Vous vous recroiserez. C'est la géographie. Un salut, comme avant. Pas besoin d'expliquer à la caisse. Pas besoin d'éviter la rue pendant six mois. L'autre n'a pas à savoir, auprès d'un tiers, que vous avez parlé. Vous non plus. Si la conversation avait ouvert le prénom ou la photo, vous savez à qui vous avez affaire : restez simples. La rumeur commence quand on en parle trop, pas quand on s'est arrêtés proprement.

Des lieux un cran à côté, si un prochain rendez-vous avec quelqu'un d'autre ne doit pas se tenir à la même table : Où se voir dans les Weppes.

Quand il ne faut pas seulement fermer

Si l'autre insiste, culpabilise, demande de l'argent, pousse hors du site, ou refuse tout rendez-vous réel tout en accélérant : ce n'est plus une question de politesse. Vous signalez. Vous arrêtez. Les schémas sont dans Arnaques sentimentales. Un bouton existe dans chaque conversation ; nous lisons.

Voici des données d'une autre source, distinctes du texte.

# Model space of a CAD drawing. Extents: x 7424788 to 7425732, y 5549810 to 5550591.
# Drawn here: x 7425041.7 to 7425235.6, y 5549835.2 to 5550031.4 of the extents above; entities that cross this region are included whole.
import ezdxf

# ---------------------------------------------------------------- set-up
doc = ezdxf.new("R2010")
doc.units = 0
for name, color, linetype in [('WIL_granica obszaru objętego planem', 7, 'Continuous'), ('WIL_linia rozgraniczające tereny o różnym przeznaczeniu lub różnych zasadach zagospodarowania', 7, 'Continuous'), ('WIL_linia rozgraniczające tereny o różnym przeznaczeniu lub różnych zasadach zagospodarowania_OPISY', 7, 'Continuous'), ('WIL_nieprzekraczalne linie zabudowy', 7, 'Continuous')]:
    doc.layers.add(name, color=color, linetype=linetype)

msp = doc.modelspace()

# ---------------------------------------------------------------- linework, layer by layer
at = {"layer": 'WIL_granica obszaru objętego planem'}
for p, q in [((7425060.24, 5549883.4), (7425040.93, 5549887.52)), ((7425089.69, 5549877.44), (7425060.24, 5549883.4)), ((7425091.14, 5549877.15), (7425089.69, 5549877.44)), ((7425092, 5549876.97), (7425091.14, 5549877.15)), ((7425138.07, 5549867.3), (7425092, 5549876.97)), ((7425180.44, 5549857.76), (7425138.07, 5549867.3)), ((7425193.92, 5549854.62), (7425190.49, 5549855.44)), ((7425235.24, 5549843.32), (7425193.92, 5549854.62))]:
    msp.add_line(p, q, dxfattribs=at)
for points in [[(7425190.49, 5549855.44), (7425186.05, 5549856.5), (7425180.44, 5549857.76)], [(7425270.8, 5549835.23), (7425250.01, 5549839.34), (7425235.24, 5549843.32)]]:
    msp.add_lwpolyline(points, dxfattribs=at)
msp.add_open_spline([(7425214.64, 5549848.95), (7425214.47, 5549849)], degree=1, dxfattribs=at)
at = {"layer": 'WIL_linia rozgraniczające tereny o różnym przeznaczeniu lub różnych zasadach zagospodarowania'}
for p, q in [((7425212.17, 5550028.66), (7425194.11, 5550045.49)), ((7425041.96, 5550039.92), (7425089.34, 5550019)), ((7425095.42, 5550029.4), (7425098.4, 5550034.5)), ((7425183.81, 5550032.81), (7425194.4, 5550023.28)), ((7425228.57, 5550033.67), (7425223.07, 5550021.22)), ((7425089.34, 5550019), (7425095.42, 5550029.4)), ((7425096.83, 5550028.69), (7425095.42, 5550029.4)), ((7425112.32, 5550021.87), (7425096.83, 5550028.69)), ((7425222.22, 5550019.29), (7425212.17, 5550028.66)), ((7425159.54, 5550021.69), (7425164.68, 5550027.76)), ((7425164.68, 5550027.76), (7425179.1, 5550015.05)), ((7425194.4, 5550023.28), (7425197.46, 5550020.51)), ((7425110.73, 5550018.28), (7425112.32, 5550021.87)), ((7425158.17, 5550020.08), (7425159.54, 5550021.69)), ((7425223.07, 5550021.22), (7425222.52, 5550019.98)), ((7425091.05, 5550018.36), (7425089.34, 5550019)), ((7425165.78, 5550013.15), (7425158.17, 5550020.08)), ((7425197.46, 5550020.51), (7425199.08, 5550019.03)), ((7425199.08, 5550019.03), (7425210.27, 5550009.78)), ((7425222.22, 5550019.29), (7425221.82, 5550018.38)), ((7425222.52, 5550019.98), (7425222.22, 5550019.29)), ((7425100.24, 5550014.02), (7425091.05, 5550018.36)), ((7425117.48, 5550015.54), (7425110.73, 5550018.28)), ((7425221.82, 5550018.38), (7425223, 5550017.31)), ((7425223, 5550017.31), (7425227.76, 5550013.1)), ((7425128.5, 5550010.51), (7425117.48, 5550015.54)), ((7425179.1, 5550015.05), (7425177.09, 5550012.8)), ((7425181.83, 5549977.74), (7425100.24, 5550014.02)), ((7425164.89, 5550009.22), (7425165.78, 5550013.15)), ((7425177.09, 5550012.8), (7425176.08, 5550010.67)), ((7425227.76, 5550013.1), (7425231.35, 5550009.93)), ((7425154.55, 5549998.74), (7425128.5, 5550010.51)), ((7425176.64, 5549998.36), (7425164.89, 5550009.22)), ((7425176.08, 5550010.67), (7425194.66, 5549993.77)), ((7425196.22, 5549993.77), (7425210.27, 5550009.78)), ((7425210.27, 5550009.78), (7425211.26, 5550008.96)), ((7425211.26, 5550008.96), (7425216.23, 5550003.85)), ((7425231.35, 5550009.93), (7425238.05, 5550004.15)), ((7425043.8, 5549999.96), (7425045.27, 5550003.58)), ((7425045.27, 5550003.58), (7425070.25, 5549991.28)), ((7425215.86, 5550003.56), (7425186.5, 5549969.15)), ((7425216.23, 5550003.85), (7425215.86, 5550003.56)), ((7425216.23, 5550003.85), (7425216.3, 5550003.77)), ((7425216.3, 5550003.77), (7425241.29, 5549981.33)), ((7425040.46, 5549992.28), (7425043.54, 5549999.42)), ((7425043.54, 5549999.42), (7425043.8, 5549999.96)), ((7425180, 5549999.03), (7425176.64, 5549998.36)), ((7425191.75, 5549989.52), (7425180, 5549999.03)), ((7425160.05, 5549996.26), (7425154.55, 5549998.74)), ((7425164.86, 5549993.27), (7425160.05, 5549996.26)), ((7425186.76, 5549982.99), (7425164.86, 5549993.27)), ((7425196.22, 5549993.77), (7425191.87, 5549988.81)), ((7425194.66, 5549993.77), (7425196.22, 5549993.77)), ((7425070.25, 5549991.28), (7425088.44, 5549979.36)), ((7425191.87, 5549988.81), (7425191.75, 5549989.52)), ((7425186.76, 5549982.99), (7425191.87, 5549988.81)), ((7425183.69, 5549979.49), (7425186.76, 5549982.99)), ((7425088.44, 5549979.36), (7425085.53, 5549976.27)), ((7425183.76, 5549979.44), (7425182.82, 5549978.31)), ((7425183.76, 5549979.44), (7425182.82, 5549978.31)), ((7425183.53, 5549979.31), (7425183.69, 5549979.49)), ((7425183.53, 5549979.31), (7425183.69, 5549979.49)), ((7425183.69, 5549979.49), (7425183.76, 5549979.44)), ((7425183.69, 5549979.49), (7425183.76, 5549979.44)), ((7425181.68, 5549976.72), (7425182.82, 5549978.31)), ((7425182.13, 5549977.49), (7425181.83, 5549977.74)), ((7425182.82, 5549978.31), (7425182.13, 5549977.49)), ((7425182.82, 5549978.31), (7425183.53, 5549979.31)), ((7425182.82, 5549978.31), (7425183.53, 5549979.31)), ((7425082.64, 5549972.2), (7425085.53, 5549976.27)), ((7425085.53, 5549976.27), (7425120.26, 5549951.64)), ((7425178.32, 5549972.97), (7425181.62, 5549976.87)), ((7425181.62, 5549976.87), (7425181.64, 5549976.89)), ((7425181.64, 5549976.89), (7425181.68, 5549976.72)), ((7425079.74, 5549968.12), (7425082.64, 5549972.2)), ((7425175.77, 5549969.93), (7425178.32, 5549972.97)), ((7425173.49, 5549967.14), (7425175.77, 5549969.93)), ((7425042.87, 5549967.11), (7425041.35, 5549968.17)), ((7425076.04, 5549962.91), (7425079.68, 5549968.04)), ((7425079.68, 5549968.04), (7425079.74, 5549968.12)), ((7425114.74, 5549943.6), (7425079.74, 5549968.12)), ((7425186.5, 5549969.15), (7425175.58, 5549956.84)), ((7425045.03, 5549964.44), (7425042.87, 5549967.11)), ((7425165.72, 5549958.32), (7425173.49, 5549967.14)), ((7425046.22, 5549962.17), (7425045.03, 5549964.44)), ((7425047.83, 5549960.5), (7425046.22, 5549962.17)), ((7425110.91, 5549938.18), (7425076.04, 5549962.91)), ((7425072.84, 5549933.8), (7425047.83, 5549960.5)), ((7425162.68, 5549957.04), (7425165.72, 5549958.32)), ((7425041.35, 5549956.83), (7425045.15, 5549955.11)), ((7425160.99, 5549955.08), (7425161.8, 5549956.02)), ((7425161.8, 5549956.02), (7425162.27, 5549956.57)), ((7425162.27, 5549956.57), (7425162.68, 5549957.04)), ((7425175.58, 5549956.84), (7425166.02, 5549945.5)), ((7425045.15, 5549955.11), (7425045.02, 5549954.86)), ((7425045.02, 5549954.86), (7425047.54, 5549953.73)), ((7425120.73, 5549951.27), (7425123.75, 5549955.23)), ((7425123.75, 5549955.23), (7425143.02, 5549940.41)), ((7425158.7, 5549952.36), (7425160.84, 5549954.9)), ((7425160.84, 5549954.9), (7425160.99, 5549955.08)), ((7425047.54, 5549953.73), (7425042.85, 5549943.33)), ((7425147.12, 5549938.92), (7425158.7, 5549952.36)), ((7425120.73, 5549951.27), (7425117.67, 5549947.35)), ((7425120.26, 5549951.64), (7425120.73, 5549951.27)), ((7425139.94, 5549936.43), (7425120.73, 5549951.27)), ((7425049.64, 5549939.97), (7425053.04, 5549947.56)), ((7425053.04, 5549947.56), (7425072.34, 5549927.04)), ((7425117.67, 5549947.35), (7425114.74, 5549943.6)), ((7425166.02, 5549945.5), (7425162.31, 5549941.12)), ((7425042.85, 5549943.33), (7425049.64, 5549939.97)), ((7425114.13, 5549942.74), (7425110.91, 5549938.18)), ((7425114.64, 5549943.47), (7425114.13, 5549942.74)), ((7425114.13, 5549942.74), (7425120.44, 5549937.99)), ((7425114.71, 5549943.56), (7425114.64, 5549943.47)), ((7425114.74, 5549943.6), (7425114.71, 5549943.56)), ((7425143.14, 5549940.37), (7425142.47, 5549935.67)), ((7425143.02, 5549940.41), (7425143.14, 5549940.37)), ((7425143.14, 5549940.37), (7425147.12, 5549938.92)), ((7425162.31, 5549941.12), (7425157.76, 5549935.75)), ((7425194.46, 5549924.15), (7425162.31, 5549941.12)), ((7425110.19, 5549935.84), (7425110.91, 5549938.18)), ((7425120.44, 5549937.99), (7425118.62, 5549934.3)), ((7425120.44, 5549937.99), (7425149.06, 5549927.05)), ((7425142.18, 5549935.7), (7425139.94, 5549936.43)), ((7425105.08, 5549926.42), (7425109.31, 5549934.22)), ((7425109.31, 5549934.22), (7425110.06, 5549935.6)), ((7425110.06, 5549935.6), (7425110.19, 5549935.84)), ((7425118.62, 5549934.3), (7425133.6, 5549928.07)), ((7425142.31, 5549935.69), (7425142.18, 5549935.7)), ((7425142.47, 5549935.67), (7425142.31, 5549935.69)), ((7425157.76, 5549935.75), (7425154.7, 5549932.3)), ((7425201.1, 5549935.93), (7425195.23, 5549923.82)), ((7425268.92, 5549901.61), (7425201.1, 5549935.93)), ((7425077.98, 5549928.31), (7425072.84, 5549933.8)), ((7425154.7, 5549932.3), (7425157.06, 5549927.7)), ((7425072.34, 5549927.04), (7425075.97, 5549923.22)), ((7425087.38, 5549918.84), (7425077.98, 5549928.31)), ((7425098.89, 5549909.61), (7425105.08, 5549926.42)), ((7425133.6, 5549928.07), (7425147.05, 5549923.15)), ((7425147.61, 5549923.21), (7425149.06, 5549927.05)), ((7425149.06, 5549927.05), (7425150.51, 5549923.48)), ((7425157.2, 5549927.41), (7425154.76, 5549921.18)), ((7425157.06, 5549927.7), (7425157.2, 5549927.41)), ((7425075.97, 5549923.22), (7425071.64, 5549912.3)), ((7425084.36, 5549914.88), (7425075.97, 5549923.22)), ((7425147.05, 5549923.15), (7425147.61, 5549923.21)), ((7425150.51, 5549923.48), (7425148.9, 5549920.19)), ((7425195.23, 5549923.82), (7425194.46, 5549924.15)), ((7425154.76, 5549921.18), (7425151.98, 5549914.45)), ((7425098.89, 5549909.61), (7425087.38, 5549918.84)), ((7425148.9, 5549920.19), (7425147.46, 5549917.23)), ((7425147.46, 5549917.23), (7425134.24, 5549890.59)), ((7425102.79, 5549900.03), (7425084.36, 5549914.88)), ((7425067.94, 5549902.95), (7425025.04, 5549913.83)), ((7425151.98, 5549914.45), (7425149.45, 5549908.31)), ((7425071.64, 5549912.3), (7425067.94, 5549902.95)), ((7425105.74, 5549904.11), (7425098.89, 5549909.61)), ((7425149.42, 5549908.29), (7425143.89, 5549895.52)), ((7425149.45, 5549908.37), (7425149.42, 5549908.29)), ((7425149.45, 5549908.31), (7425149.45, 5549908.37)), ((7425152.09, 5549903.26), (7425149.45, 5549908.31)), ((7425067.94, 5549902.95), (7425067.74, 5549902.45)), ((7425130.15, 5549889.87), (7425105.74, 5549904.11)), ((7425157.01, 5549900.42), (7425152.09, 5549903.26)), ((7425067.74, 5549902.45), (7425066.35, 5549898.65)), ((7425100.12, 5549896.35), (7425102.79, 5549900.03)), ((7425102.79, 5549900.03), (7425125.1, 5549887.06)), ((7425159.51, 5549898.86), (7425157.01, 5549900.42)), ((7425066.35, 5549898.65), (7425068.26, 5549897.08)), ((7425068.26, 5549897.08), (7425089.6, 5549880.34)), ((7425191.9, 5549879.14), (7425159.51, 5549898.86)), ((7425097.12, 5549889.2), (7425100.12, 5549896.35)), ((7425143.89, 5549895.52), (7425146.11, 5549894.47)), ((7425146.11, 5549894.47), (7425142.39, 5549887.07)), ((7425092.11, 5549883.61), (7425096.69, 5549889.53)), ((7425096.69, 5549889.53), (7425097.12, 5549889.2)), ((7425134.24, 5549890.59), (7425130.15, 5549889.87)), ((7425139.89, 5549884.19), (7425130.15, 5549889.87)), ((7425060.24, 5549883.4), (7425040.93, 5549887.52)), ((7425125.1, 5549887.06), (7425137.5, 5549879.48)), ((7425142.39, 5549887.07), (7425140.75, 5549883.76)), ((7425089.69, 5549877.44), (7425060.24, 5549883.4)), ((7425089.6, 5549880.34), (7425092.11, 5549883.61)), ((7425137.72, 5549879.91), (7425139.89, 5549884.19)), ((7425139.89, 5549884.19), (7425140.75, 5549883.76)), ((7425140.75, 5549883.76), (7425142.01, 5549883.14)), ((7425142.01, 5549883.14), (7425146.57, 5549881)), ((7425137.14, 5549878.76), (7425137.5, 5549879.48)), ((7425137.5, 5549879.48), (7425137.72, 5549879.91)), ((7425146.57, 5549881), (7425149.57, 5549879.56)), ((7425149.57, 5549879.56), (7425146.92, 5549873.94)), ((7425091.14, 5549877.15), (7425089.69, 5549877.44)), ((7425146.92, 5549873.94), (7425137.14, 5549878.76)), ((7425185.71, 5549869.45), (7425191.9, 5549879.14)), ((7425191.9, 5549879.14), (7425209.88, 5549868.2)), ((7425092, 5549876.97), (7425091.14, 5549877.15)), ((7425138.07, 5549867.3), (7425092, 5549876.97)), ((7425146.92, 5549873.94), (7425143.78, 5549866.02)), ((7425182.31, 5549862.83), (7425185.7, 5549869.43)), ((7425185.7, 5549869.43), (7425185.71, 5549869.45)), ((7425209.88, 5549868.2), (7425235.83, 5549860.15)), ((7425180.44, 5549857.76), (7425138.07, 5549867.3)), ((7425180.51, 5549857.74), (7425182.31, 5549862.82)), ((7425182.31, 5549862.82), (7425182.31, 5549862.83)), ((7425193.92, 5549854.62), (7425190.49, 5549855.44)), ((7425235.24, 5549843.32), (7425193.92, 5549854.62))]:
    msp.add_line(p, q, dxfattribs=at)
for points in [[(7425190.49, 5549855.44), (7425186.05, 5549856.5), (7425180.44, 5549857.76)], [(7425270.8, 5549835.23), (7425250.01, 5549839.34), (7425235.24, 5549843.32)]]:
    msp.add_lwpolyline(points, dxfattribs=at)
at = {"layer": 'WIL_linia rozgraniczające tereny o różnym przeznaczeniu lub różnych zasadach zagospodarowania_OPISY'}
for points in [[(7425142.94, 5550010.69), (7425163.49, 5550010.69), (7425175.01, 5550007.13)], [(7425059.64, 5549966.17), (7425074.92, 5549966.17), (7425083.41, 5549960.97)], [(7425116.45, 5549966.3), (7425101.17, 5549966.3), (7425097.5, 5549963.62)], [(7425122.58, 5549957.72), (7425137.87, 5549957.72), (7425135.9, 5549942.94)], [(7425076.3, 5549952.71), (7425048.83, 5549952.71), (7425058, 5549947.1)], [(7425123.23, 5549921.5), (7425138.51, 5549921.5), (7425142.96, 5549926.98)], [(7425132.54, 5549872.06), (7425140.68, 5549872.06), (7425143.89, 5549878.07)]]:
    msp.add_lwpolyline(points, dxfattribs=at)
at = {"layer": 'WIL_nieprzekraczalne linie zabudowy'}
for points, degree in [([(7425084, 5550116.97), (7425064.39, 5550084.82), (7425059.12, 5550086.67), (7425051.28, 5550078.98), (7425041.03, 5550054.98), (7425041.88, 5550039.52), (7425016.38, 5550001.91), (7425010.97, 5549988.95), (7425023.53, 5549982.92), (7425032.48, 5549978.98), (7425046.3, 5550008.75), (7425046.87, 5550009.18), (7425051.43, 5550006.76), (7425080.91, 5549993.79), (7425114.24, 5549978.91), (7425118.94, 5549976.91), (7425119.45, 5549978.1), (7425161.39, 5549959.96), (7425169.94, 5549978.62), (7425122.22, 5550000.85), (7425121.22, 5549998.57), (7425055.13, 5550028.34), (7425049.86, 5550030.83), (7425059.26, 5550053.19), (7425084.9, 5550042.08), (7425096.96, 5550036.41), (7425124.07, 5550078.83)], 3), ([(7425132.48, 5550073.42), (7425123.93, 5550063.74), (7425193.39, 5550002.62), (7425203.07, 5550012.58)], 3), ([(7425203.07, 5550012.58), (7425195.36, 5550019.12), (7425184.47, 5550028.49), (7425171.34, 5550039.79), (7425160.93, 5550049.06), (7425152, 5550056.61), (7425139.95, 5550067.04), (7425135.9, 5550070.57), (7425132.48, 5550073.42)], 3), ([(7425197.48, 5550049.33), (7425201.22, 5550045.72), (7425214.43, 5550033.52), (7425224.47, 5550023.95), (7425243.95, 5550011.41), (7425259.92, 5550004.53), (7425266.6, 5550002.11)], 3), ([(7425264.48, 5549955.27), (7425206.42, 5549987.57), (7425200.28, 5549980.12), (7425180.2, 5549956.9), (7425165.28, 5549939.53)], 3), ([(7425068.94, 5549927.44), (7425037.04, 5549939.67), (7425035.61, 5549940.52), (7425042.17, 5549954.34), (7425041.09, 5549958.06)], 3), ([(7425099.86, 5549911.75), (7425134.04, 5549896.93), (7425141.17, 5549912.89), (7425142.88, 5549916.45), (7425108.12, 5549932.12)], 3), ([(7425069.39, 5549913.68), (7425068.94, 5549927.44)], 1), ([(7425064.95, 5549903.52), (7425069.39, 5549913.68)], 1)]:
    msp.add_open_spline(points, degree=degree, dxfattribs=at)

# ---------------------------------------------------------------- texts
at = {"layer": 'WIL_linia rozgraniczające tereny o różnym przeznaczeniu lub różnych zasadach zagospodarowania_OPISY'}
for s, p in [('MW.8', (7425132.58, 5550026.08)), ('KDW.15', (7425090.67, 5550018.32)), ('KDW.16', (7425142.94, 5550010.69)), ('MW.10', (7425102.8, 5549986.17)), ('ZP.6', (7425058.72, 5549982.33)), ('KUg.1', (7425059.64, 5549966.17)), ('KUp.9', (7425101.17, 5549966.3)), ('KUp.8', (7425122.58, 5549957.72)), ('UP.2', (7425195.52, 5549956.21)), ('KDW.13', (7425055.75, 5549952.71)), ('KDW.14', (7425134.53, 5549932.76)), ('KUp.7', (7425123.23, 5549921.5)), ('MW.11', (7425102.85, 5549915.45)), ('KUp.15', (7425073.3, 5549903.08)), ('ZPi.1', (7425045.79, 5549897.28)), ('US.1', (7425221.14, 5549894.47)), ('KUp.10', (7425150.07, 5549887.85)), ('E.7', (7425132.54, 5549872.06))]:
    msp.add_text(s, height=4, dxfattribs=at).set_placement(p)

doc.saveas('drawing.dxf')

S'arrêter clairement, ce n'est pas être dur. C'est laisser à l'autre — et à soi — le droit de ne pas ruminer un silence, samedi, au marché.

Ensuite

Par défaut, une seule conversation à la fois : quand celle-ci se ferme, une autre bulle de votre cercle peut s'ouvrir. Ce n'est pas enchaîner. C'est ne pas rester coincé dans ce qui n'a pas pris. Le rythme est expliqué dans Pourquoi une seule conversation à la fois.

Questions fréquentes

Dois-je attendre d'avoir vu la photo pour fermer ?

Non. Si les mots ne prennent pas, la photo n'arrangera rien — ou elle arrangera trop tard. La photo est le dernier palier, pas une obligation d'aller jusqu'au bout.

L'autre verra-t-il que j'ai fermé, auprès des autres membres ?

Non. Rien n'est public. La conversation se clôt entre vous deux. Les autres bulles du cercle n'en savent rien.

Et si l'on se recroise alors que les paliers étaient ouverts ?

Vous vous connaissez un peu. Un salut suffit. Vous n'êtes pas tenus de reprendre. Vous n'êtes pas tenus d'expliquer à un tiers.